Top 5 Non-Dairy Curds Available Online in India (Tried & Gut-Tested)
These plant-based, gut-friendly non-dairy curds are perfect for IBS, lactose intolerance, and dairy-free diets.
When you live with IBS or lactose intolerance, even a small bowl of regular curd can lead to bloating, brain fog, or breakouts.
But you don’t have to miss out on the gut-healing benefits of dahi.
There are now gut-friendly, lactose-free, plant-based curds available across India — and yes, I’ve tried most of them.
Here are the top 5 non-dairy curds you can buy online, whether you want to heal your gut, support hormonal balance, or just enjoy curd again (without pain!).
Top 5 Non-Dairy Curds Available Online in India
1. Epigamia Coconut Milk Yogurt
✅ Best For: Coconut lovers, dairy-free snacks, quick smoothies
Why I Love It:
Creamy, tropical flavor
Made from coconut milk with live cultures
No added preservatives or sugar (unsweetened version available)
Available in plain, blueberry, and vanilla
How I Use It: I mix it with chia seeds or eat it post-lunch with a pinch of jaggery and cinnamon. Buy The Coconut milk Make a fresh curd at home .
2. So Good Soy Yogurt
✅ Best For: High protein plant-based curd alternative
Why I Love It:
Made from non-GMO soy milk
Slightly tangy like dairy curd
Higher in protein than coconut-based options
Fortified with calcium & vitamin B12
How I Use It:
Great for savory dishes like raita or kadhi. I’ve also added it to smoothie bowls.
3. Goodmylk Unsweetened Peanut Curd
✅ Best For: Savory recipes, kadhi, probiotic meals
Why I Love It:
Affordable and mild in taste
Made from peanuts, very little processing
No added sugar, preservatives or stabilizers
Naturally fermented
How I Use It:
My go-to for vegan kadhi, dahi poha, or curd rice. Add curry leaves and ginger for an IBS-friendly twist.
4. Live Yum Vegan Greek Yogurt
✅ Best For: Thick texture lovers, protein + gut support
Why I Love It:
Almond + oat base for creamy thickness
Zero cholesterol, zero dairy
Contains active live cultures
Great with berries, bananas, or oats
How I Use It:
Perfect for dessert bowls or as a probiotic snack before bed with a drizzle of raw honey.
5. Raw Pressery Plant-Based Curd (Coconut + Almond)
✅ Best For: Balanced taste, cooking and snacking both
Why I Love It:
Blend of almond and coconut milk
Balanced texture — not too thick or runny
Neutral taste, doesn’t overpower dishes
Rich in probiotics, easily digestible
How I Use It:
Great in tahini-style dips, homemade raita, or as a side for khichdi.
Why Non-Dairy Curds Are Great for IBS
Benefit | Why It Matters |
---|
No lactose | Avoids gas and bloating |
Rich in probiotics | Rebuilds gut flora |
Lower inflammation | Ideal for sensitive digestion |
No casein | Dairy protein that can trigger IBS symptoms |
Plant-powered | Lighter on gut, easier to digest |
Tips to Use Non-Dairy Curd for Gut Health
✅ Eat with lunch, not dinner (Ayurvedic rule)
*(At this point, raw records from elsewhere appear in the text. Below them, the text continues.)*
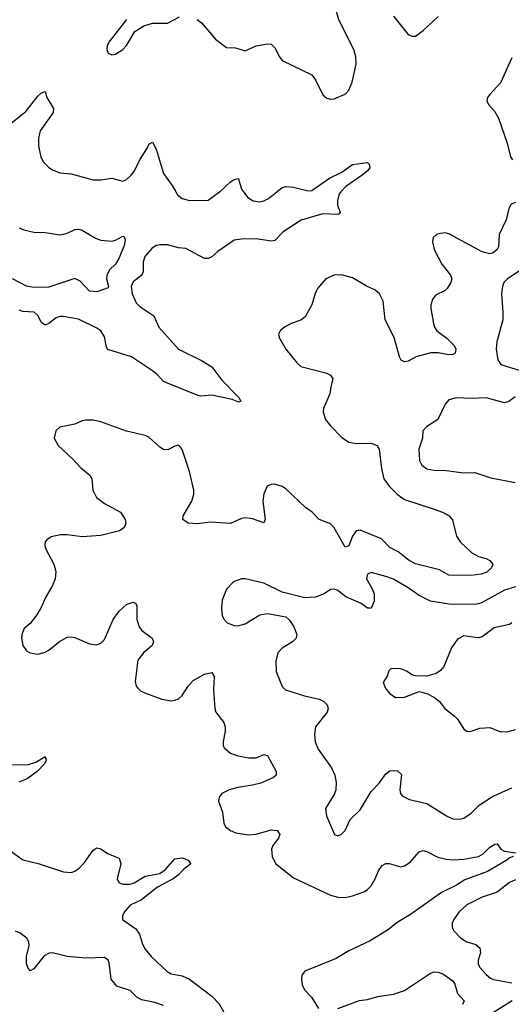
# Model space of a CAD drawing. Header units: inches. Extents: x 1843162 to 1959474, y 907081 to 1016326.
# Tile 681 of 684: x 1952233 to 1954886, y 1005612 to 1010931. Entities that reach past the tile are written whole.
import ezdxf

# ---------------------------------------------------------------- set-up
doc = ezdxf.new("R2010")
doc.units = ezdxf.units.IN
doc.header["$MEASUREMENT"] = 0
doc.layers.add('B9050', color=7, linetype='Continuous')
doc.layers.add('B9051', color=7, linetype='Continuous')

msp = doc.modelspace()

# ---------------------------------------------------------------- linework, layer by layer
at = {"layer": 'B9050', "color": 5}
for points, elevation in [([(1953966.7, 1010000), (1953958, 1009990), (1953948.5, 1009951.5), (1953949, 1009929), (1953963, 1009890), (1953957.4, 1009882.6), (1953950, 1009878.4), (1953870, 1009882.5), (1953753.1, 1009846.9), (1953655.5, 1009784.5), (1953610, 1009737.6), (1953590, 1009733.3), (1953510, 1009747.2), (1953430, 1009744.9), (1953390, 1009738.7), (1953302.4, 1009677.6), (1953270, 1009649.4), (1953250, 1009639.7), (1953230, 1009640.8), (1953130, 1009693.8), (1953090, 1009697.9), (1953030, 1009714.9), (1952990, 1009714.8), (1952970, 1009709.9), (1952945.3, 1009694.7), (1952908.8, 1009651.2), (1952899.7, 1009620.3), (1952900.2, 1009570), (1952892.2, 1009550), (1952844.8, 1009515.2), (1952833.7, 1009490), (1952840.4, 1009450), (1952861.3, 1009401.3), (1952880.6, 1009380.6), (1952956.9, 1009330), (1952984, 1009270), (1953090, 1009150.1), (1953213.7, 1009090), (1953270, 1009055.2), (1953323.1, 1008983.1), (1953414.9, 1008890), (1953426, 1008870), (1953415.6, 1008864.4), (1953379, 1008879), (1953270, 1008902.2), (1953210, 1008896.8), (1953190, 1008902), (1953022.4, 1008970), (1953010, 1008975.7), (1952974.6, 1009014.6), (1952950, 1009034), (1952836.2, 1009110), (1952708.4, 1009148.4), (1952701.5, 1009161.5), (1952690, 1009217.8), (1952670, 1009249.8), (1952650, 1009264.4), (1952550, 1009313.7), (1952467.6, 1009327.6), (1952450, 1009327.7), (1952430, 1009320.3), (1952390, 1009289), (1952370, 1009280.7), (1952350, 1009295.6), (1952330, 1009332.1), (1952310.4, 1009350.4), (1952250, 1009355), (1952230, 1009362.3)], 480), ([(1953076.4, 1010000), (1953085.1, 1009985.1), (1953110, 1009964.9), (1953150, 1009954.2), (1953250, 1009956.2), (1953311.4, 1010000)], 480), ([(1953441.5, 1010000), (1953464.9, 1009970), (1953492.7, 1009952.7), (1953530, 1009947.3), (1953550, 1009951.3), (1953576.2, 1009963.8), (1953620.8, 1010000)], 480), ([(1954910, 1009942.9), (1954885.1, 1009934.9), (1954873.8, 1009910), (1954858.6, 1009850), (1954820.7, 1009770), (1954816.7, 1009703.3), (1954810.9, 1009689.1), (1954789.3, 1009670.7), (1954770, 1009666.1), (1954730, 1009675.8), (1954550, 1009773.7), (1954530, 1009778.3), (1954503.8, 1009776.2), (1954482.8, 1009770), (1954465.4, 1009754.6), (1954460.3, 1009730), (1954470.3, 1009690), (1954512.2, 1009610), (1954559.1, 1009550), (1954564.9, 1009530), (1954560.3, 1009510), (1954541.2, 1009478.8), (1954530, 1009468), (1954476.9, 1009443.1), (1954460.4, 1009419.6), (1954452.8, 1009390), (1954452.8, 1009370), (1954466, 1009290), (1954472, 1009270), (1954484.9, 1009250), (1954539.1, 1009210), (1954578.8, 1009170), (1954587.3, 1009150), (1954582.8, 1009130), (1954570, 1009122), (1954550, 1009119.7), (1954491.4, 1009131.4), (1954451.3, 1009131.3), (1954373, 1009110), (1954330, 1009086.6), (1954310, 1009082.4), (1954292.2, 1009092.2), (1954282.4, 1009110), (1954254.3, 1009214.3), (1954204.9, 1009310), (1954195.5, 1009410), (1954175.7, 1009450), (1954150, 1009471.4), (1954108.2, 1009490), (1954030, 1009535.8), (1953970, 1009553), (1953930, 1009549.7), (1953886, 1009530), (1953840.9, 1009479.1), (1953827.8, 1009452.2), (1953810.2, 1009390), (1953774.2, 1009325.8), (1953750, 1009307.7), (1953699.1, 1009290), (1953663, 1009270), (1953639.3, 1009250), (1953630.4, 1009230), (1953634.4, 1009210), (1953670.3, 1009150), (1953730, 1009074.9), (1953750, 1009056.4), (1953890, 1009020.5), (1953910.8, 1009010), (1953924, 1008990), (1953911.8, 1008948.2), (1953906.7, 1008910), (1953873.6, 1008830), (1953870.2, 1008810), (1953884, 1008770), (1953910, 1008735.8), (1953970, 1008674.6), (1954010, 1008649), (1954050, 1008642), (1954130, 1008643.1), (1954161.6, 1008630), (1954172.9, 1008610), (1954185.8, 1008505.8), (1954198.4, 1008450), (1954226.5, 1008410), (1954270, 1008367), (1954310, 1008338.2), (1954470, 1008286.9), (1954514.8, 1008270), (1954550.3, 1008250.3), (1954568.8, 1008228.8), (1954590, 1008141), (1954610, 1008110.8), (1954674, 1008050), (1954710, 1008030.4), (1954750, 1008020.5), (1954770.7, 1008010), (1954787.7, 1007990), (1954780.4, 1007970), (1954754.5, 1007945.5), (1954724.7, 1007935.3), (1954669, 1007929), (1954549.8, 1007929.8), (1954499.2, 1007959.2), (1954370, 1007991.1), (1954335.6, 1008010), (1954276.2, 1008056.2), (1954230, 1008078.7), (1954185.9, 1008125.9), (1954070, 1008172.5), (1954050, 1008168.6), (1954041.2, 1008158.8), (1954030, 1008141.3), (1954010, 1008089.2), (1953990, 1008081.2), (1953930, 1008186.4), (1953910, 1008207.2), (1953850, 1008229.8), (1953810.9, 1008270), (1953776, 1008296), (1953670, 1008395.8), (1953650, 1008409.8), (1953610, 1008421.8), (1953590, 1008420.4), (1953569.1, 1008410.9), (1953550.3, 1008370), (1953545.4, 1008330), (1953558.5, 1008230), (1953550, 1008212), (1953490, 1008233.5), (1953450, 1008239.2), (1953430, 1008236.4), (1953370, 1008208.8), (1953263.4, 1008216.6), (1953190, 1008206.6), (1953142, 1008210), (1953112.7, 1008230), (1953114.5, 1008250), (1953161.7, 1008330), (1953172.5, 1008367.5), (1953172.8, 1008390), (1953150, 1008489.3), (1953109.7, 1008609.7), (1953101.3, 1008621.3), (1953090, 1008631.6), (1953070, 1008627.6), (1953032.7, 1008607.3), (1953010, 1008608.9), (1952990, 1008620.8), (1952930, 1008675.6), (1952910, 1008685.1), (1952810, 1008708.5), (1952670, 1008758.3), (1952630, 1008766.6), (1952590, 1008768), (1952570, 1008764.2), (1952530, 1008745.6), (1952450, 1008729.3), (1952427.3, 1008710), (1952418.8, 1008670), (1952440.7, 1008630), (1952518, 1008558), (1952562, 1008510), (1952612.2, 1008470), (1952622.6, 1008450), (1952628.3, 1008388.3), (1952647.2, 1008350), (1952690, 1008318), (1952776.4, 1008270), (1952801.6, 1008230), (1952804.9, 1008210), (1952802, 1008198), (1952794.4, 1008185.6), (1952771, 1008170), (1952670, 1008143.9), (1952570, 1008137.7), (1952490, 1008147.9), (1952452.3, 1008147.7), (1952403.4, 1008136.6), (1952379.3, 1008120.7), (1952370.4, 1008110), (1952368.8, 1008090), (1952374, 1008070), (1952417.6, 1007990), (1952428.5, 1007950), (1952424.9, 1007910), (1952408.9, 1007870), (1952372.2, 1007810), (1952350, 1007759), (1952324.7, 1007715.3), (1952290, 1007669.2), (1952257.3, 1007642.7), (1952245.5, 1007614.5), (1952243, 1007590), (1952250.5, 1007550.5), (1952270, 1007522), (1952290, 1007511), (1952330, 1007502.8), (1952370, 1007514), (1952390, 1007524.9), (1952447.9, 1007572.1), (1952490, 1007594.6), (1952510, 1007597.4), (1952530, 1007593.1), (1952610, 1007559.5), (1952650, 1007554), (1952670, 1007563.1), (1952690, 1007583), (1952737.2, 1007690), (1952770, 1007735.8), (1952810, 1007772.4), (1952843.5, 1007783.5), (1952858, 1007778), (1952865.5, 1007765.5), (1952865.3, 1007690), (1952877.4, 1007650), (1952891.3, 1007631.3), (1952948, 1007590), (1952954.9, 1007570), (1952948, 1007550), (1952900.3, 1007510), (1952870.3, 1007470), (1952855.8, 1007355.8), (1952862.4, 1007330), (1952870, 1007319.1), (1952885.3, 1007305.2), (1952911.7, 1007291.7), (1953000.5, 1007260.5), (1953050, 1007251.6), (1953070, 1007254.3), (1953090, 1007262.3), (1953110, 1007280.3), (1953141.8, 1007330), (1953170, 1007360.8), (1953230, 1007394.9), (1953270, 1007404), (1953283.4, 1007383.4), (1953278.7, 1007310), (1953286.2, 1007210), (1953291.6, 1007190), (1953334.2, 1007134.2), (1953341.3, 1007110), (1953342.4, 1007090), (1953330.3, 1007030), (1953330.4, 1007010), (1953337, 1006997), (1953370, 1006969), (1953410, 1006954.7), (1953470, 1006942.9), (1953510, 1006943.2), (1953550, 1006961.3), (1953570, 1006955.5), (1953617.6, 1006870), (1953616.4, 1006850), (1953602.8, 1006837.2), (1953533.8, 1006806.2), (1953490, 1006794.9), (1953410, 1006783.5), (1953364, 1006770), (1953324.4, 1006750), (1953308.7, 1006730), (1953306.7, 1006710), (1953327.2, 1006650), (1953334, 1006590), (1953344.4, 1006570), (1953370.2, 1006550.2), (1953399, 1006539), (1953467.4, 1006527.4), (1953510, 1006531.1), (1953590, 1006554.3), (1953622, 1006550), (1953637.4, 1006530), (1953629, 1006510), (1953599.7, 1006470), (1953592.4, 1006450), (1953596.5, 1006410), (1953612.9, 1006372.9), (1953710, 1006294.2), (1953910, 1006202.3), (1953950, 1006190.3), (1953990, 1006188.8), (1954030, 1006197), (1954090, 1006220.3), (1954110, 1006232.2), (1954130, 1006252.7), (1954152.4, 1006290), (1954170, 1006333.4), (1954190, 1006362.4), (1954210, 1006372), (1954228.1, 1006371.9), (1954290, 1006354.9), (1954310, 1006359.5), (1954339.8, 1006380.2), (1954390, 1006435.8), (1954410, 1006442), (1954430, 1006437), (1954490, 1006407), (1954535.3, 1006395.3), (1954571.7, 1006391.7), (1954630, 1006395.3), (1954710, 1006411), (1954735.1, 1006424.9), (1954770, 1006461.3), (1954796.9, 1006476.9), (1954810, 1006478), (1954830.3, 1006450), (1954850, 1006438.8), (1954910.6, 1006430)], 520), ([(1952230, 1009806.6), (1952255.4, 1009795.4), (1952310, 1009783.1), (1952370, 1009780.3), (1952448.7, 1009768.7), (1952485.3, 1009774.7), (1952530, 1009796.4), (1952550, 1009799.5), (1952570, 1009793.4), (1952642.8, 1009750), (1952670, 1009740.4), (1952730, 1009734.4), (1952750, 1009739.3), (1952790, 1009762), (1952796.7, 1009756.7), (1952802, 1009742), (1952796.5, 1009710), (1952770, 1009643.7), (1952750.2, 1009610), (1952719.5, 1009580.5), (1952703.7, 1009550), (1952702, 1009530), (1952712.7, 1009490), (1952710, 1009482), (1952650, 1009460.9), (1952610, 1009464.8), (1952558.7, 1009518.7), (1952530, 1009532.3), (1952390, 1009485.8), (1952310, 1009484.2), (1952270, 1009491.3), (1952193.5, 1009530)], 460), ([(1954940.3, 1009579.7), (1954865.3, 1009530), (1954845.7, 1009510), (1954838.3, 1009490), (1954832.8, 1009450), (1954841.6, 1009350), (1954840.7, 1009310), (1954809.1, 1009190), (1954804, 1009150), (1954813.8, 1009093.8), (1954830, 1009067.2), (1954935.2, 1009035.2)], 540), ([(1954906.6, 1008893.4), (1954872.6, 1008867.4), (1954850, 1008860.7), (1954750, 1008887.7), (1954670, 1008884.9), (1954591.5, 1008888.5), (1954550, 1008877.6), (1954530, 1008853.2), (1954490.4, 1008770), (1954428.7, 1008731.3), (1954408.9, 1008710), (1954406.7, 1008670), (1954387.9, 1008610), (1954390.3, 1008550), (1954404, 1008524), (1954430, 1008504.9), (1954470, 1008497.3), (1954535.8, 1008495.8), (1954630, 1008482.6), (1954690, 1008484.4), (1954776.5, 1008456.5), (1954907.3, 1008430)], 540), ([(1954910, 1007867.7), (1954850, 1007849.4), (1954730, 1007782.5), (1954710, 1007775.5), (1954689.3, 1007770.7), (1954550, 1007772.7), (1954450, 1007790.4), (1954390, 1007820.2), (1954330, 1007862.4), (1954250, 1007908), (1954210, 1007923.5), (1954130, 1007944.2), (1954110, 1007936.2), (1954104.7, 1007910), (1954136, 1007856), (1954145.4, 1007830), (1954145.4, 1007790), (1954130, 1007751.6), (1954110, 1007752.4), (1954076.8, 1007776.8), (1953993.7, 1007813.7), (1953950, 1007846.3), (1953930, 1007854.5), (1953910, 1007852.7), (1953876, 1007830), (1953830, 1007811.8), (1953772.3, 1007807.7), (1953650, 1007838.9), (1953550, 1007887.6), (1953450, 1007909.5), (1953430, 1007909.5), (1953386.2, 1007893.8), (1953350, 1007854), (1953325.3, 1007794.7), (1953321.3, 1007750), (1953326.4, 1007710), (1953337.1, 1007690), (1953353.3, 1007673.3), (1953390, 1007658.7), (1953410, 1007657), (1953450, 1007667.2), (1953530, 1007715.8), (1953570, 1007723.1), (1953670, 1007704.9), (1953690, 1007686.8), (1953713, 1007650), (1953728, 1007610), (1953725.5, 1007590), (1953704.9, 1007570), (1953650, 1007535.6), (1953627, 1007510), (1953615.4, 1007464.6), (1953617.4, 1007410), (1953648.9, 1007328.9), (1953667.3, 1007310), (1953770, 1007278.6), (1953850, 1007260.8), (1953872.4, 1007250), (1953892, 1007230), (1953898.7, 1007210), (1953893.4, 1007190), (1953829, 1007111), (1953823.7, 1007070), (1953827.2, 1007030), (1953843.7, 1006990), (1953915.8, 1006890), (1953934, 1006850), (1953941.3, 1006810), (1953939.3, 1006770), (1953931.8, 1006748.2), (1953883.8, 1006670), (1953888.2, 1006630), (1953932, 1006530), (1953950, 1006522.8), (1953970, 1006530.8), (1953989.2, 1006550), (1954017.6, 1006610), (1954070, 1006662.6), (1954130, 1006761.3), (1954173.5, 1006806.5), (1954210, 1006856.3), (1954230, 1006872.7), (1954250, 1006875.5), (1954273, 1006873), (1954293, 1006853), (1954285.3, 1006770), (1954288.5, 1006750), (1954297.4, 1006737.4), (1954337.6, 1006717.6), (1954430, 1006696.9), (1954536.4, 1006630), (1954570, 1006613.8), (1954608.6, 1006611.4), (1954630, 1006617.8), (1954670, 1006644.6), (1954712.4, 1006687.6), (1954785.6, 1006734.4), (1954890, 1006780.4)], 540), ([(1954890, 1007671.6), (1954877.3, 1007662.7), (1954794.3, 1007645.7), (1954730, 1007597.1), (1954710, 1007591.6), (1954692.5, 1007592.5), (1954630, 1007602.9), (1954596.4, 1007583.6), (1954563.4, 1007536.6), (1954523.1, 1007436.9), (1954504.6, 1007415.4), (1954480.7, 1007399.3), (1954430, 1007385.1), (1954370, 1007386), (1954350, 1007392), (1954324, 1007410), (1954290, 1007424.5), (1954250, 1007426.6), (1954236.8, 1007423.2), (1954226, 1007414), (1954216.3, 1007383.7), (1954194.8, 1007350), (1954210, 1007316), (1954230, 1007290.8), (1954262, 1007270), (1954309.3, 1007270.7), (1954390, 1007301), (1954430, 1007290.7), (1954471.3, 1007270), (1954498, 1007250), (1954527.7, 1007210), (1954578, 1007170), (1954597.3, 1007150), (1954630, 1007098), (1954650, 1007086), (1954670, 1007086.8), (1954715.9, 1007104.1), (1954770, 1007106.4), (1954830, 1007083.8), (1954870, 1007084.9), (1954910, 1007096.5)], 560), ([(1952190, 1006907.7), (1952275.3, 1006904.7), (1952319.5, 1006920.5), (1952370, 1006950.4), (1952375.5, 1006930), (1952367.4, 1006910), (1952327.2, 1006870), (1952274, 1006830), (1952227.4, 1006812.6)], 480), ([(1952130, 1006480.3), (1952250, 1006392.9), (1952332.5, 1006372.5), (1952470, 1006326.7), (1952510, 1006324), (1952530, 1006330.3), (1952553.1, 1006346.9), (1952582.3, 1006377.7), (1952630, 1006444.9), (1952650, 1006458), (1952670, 1006452.4), (1952710, 1006424.4), (1952770, 1006400.7), (1952779.5, 1006370), (1952758.4, 1006290), (1952767.3, 1006270), (1952790, 1006261.7), (1952830, 1006261.6), (1952850, 1006267.8), (1952910, 1006304.7), (1952990, 1006318.2), (1953020.4, 1006339.6), (1953070, 1006398), (1953110, 1006402.3), (1953143, 1006390), (1953156.3, 1006370), (1953118.7, 1006341.3), (1953087.9, 1006310), (1953061.5, 1006290), (1952976, 1006244), (1952890, 1006176.3), (1952830, 1006146.6), (1952796.8, 1006110), (1952787.3, 1006090), (1952788.3, 1006070), (1952860.1, 1006020.1), (1952879.8, 1005990), (1952896, 1005936), (1952910, 1005909), (1952942.2, 1005870), (1953028.8, 1005788.8), (1953050, 1005777.3), (1953110, 1005766.4), (1953150, 1005748.4), (1953270, 1005655.3), (1953310, 1005614.7), (1953335.5, 1005570)], 480), ([(1954896.3, 1006410), (1954877.2, 1006402.8), (1954862.4, 1006390), (1954758, 1006330), (1954636.3, 1006283.7), (1954590, 1006255.8), (1954510, 1006216.7), (1954342.8, 1006097.2), (1954270, 1006053.1), (1954224.3, 1006015.7), (1954124.4, 1005955.6), (1954010, 1005900.3), (1953941, 1005859), (1953772.4, 1005790), (1953756.5, 1005770), (1953753.7, 1005750), (1953757.7, 1005717.7), (1953770.4, 1005690), (1953807.8, 1005650), (1953845.5, 1005590)], 520), ([(1954910, 1006284.5), (1954877.4, 1006270), (1954810, 1006218.5), (1954730, 1006191.4), (1954645.7, 1006150), (1954603.1, 1006110), (1954576.4, 1006070), (1954567.7, 1006050), (1954566.8, 1006030), (1954574.8, 1006010), (1954614, 1005970), (1954646.8, 1005950), (1954695.5, 1005935.5), (1954716.4, 1005916.4), (1954719.6, 1005890), (1954708, 1005850), (1954706.9, 1005830), (1954716.5, 1005810), (1954750, 1005772.2), (1954773.4, 1005753.4), (1954790, 1005746.5), (1954890, 1005727.2)], 540), ([(1953010, 1005604.8), (1952961.7, 1005621.7), (1952890, 1005636.1), (1952864.8, 1005650), (1952830, 1005686.5), (1952757.1, 1005710), (1952727.3, 1005747.3), (1952715.2, 1005835.2), (1952710, 1005850.7), (1952690, 1005865.6), (1952590, 1005860.5), (1952490, 1005870.3), (1952410, 1005890.3), (1952391.7, 1005888.3), (1952365.8, 1005874.2), (1952310, 1005803.5), (1952290, 1005793.3), (1952276.9, 1005810), (1952269.9, 1005830), (1952269.9, 1005870), (1952284.3, 1005930), (1952282.7, 1005950), (1952271.1, 1005970), (1952236.3, 1005996.3), (1952210, 1006007.8)], 480), ([(1953950, 1005589.1), (1954067.2, 1005632.8), (1954110, 1005637.1), (1954166.2, 1005653.8), (1954250, 1005667.5), (1954310, 1005686.8), (1954450, 1005779.5), (1954470, 1005787.2), (1954490, 1005786), (1954517, 1005777), (1954570, 1005739.5), (1954580.9, 1005720.9), (1954595.2, 1005670), (1954631.4, 1005630), (1954622.4, 1005610)], 520), ([(1954892, 1005630), (1954790, 1005567.2)], 540)]:
    msp.add_lwpolyline(points, dxfattribs=dict(at, elevation=elevation))
at = {"layer": 'B9051', "color": 5}
for points, elevation in [([(1953190, 1010932.1), (1953214.4, 1010914.4), (1953290, 1010824.9), (1953350, 1010779.5), (1953398.3, 1010778.3), (1953450, 1010763.1), (1953510, 1010788.8), (1953570, 1010800.5), (1953590, 1010798.8), (1953610, 1010778.8), (1953634.9, 1010730), (1953650, 1010710.6), (1953810, 1010632), (1953830, 1010605.5), (1953870, 1010524.9), (1953890, 1010507.4), (1953910, 1010501.5), (1953930, 1010502.4), (1953990, 1010527.9), (1954010, 1010550.4), (1954027.5, 1010592.5), (1954049, 1010690), (1954046.9, 1010730), (1954037, 1010770), (1953956.1, 1010930), (1953931.7, 1011010)], 520), ([(1952809.3, 1010930.7), (1952713.4, 1010810), (1952705, 1010790), (1952703.1, 1010770), (1952710.4, 1010750.4), (1952730, 1010741.3), (1952750, 1010743.7), (1952789.4, 1010770), (1952810, 1010790.5), (1952854.1, 1010865.9), (1952902.2, 1010897.8), (1952950, 1010911.5), (1953030, 1010911.6), (1953094.7, 1010945.3)], 520), ([(1954251.4, 1010950), (1954330, 1010850.3), (1954350, 1010840.9), (1954370, 1010842.3), (1954410, 1010871.5), (1954492, 1010948)], 520), ([(1954890, 1010725.2), (1954828.2, 1010590), (1954770, 1010526.6), (1954758.4, 1010510), (1954754.9, 1010490), (1954766, 1010470), (1954795.8, 1010435.8), (1954817.8, 1010397.8), (1954863.7, 1010263.7), (1954882, 1010190), (1954892.9, 1010172.9)], 520), ([(1952187.6, 1010372.4), (1952265.8, 1010434.2), (1952330, 1010517.3), (1952350, 1010536), (1952370, 1010542.8), (1952380.2, 1010510), (1952416.1, 1010450), (1952413.4, 1010430), (1952343.9, 1010330), (1952333.7, 1010290), (1952334.8, 1010250), (1952347.2, 1010187.2), (1952361.2, 1010161.2), (1952390, 1010132), (1952410, 1010118.7), (1952450, 1010103.1), (1952510, 1010097.6), (1952630, 1010065.7), (1952670, 1010065.7), (1952730, 1010073.6), (1952790, 1010058.7), (1952810, 1010066.7), (1952835.4, 1010090), (1952850, 1010110.4), (1952882.3, 1010177.7), (1952922.5, 1010237.5), (1952930, 1010257.3), (1952950, 1010268.2), (1952970, 1010230.4), (1953010, 1010098.9), (1953055.7, 1010035.7), (1953076.4, 1010000)], 480), ([(1953620.8, 1010000), (1953650, 1010023.7), (1953670, 1010030.3), (1953710, 1010026), (1953790, 1010005.3), (1953810, 1010007.2), (1953904.8, 1010075.2), (1953972.4, 1010107.6), (1954030, 1010147.7), (1954110, 1010158.8), (1954118.8, 1010150), (1954122, 1010130), (1954110, 1010113.2), (1954081, 1010090), (1953993, 1010030), (1953966.7, 1010000)], 480), ([(1953311.4, 1010000), (1953316.4, 1010003.6), (1953370, 1010054), (1953390, 1010066.7), (1953410, 1010072.4), (1953414.8, 1010070), (1953430, 1010014.8), (1953441.5, 1010000)], 480)]:
    msp.add_lwpolyline(points, dxfattribs=dict(at, elevation=elevation))

doc.saveas('drawing.dxf')

✅ Add spices like cumin, hing, curry leaves for better digestion
✅ Use unsweetened varieties to avoid sugar-triggered IBS flares
✅ Don’t combine with fruit in large amounts — stick to mono meals
✅ Avoid with deep-fried or very cold foods
Related Topic –3 Daily uses of Ghee Remedies for digestion , Skin & Hormones
FAQs – Non-Dairy Curds
Are these curds fermented like dairy curd ?
Yes — they contain live cultures and are fermented to support probiotic growth.
Can I eat non-dairy curd with rice ?
Yes! It’s easier on the stomach than dairy dahi — curd rice lovers, you’re safe!
Is it good for IBS-D and IBS-C ?
Yes — it supports both types. Just avoid added sugar and pair with soothing meals.
Can I use these in kadhi or poha ?
Definitely. So Good Soy and Goodmylk Peanut curd are perfect for savory recipes.
Is it okay for kids ?
Yes, but check for allergies (soy, peanuts, coconut). Choose unsweetened versions for children.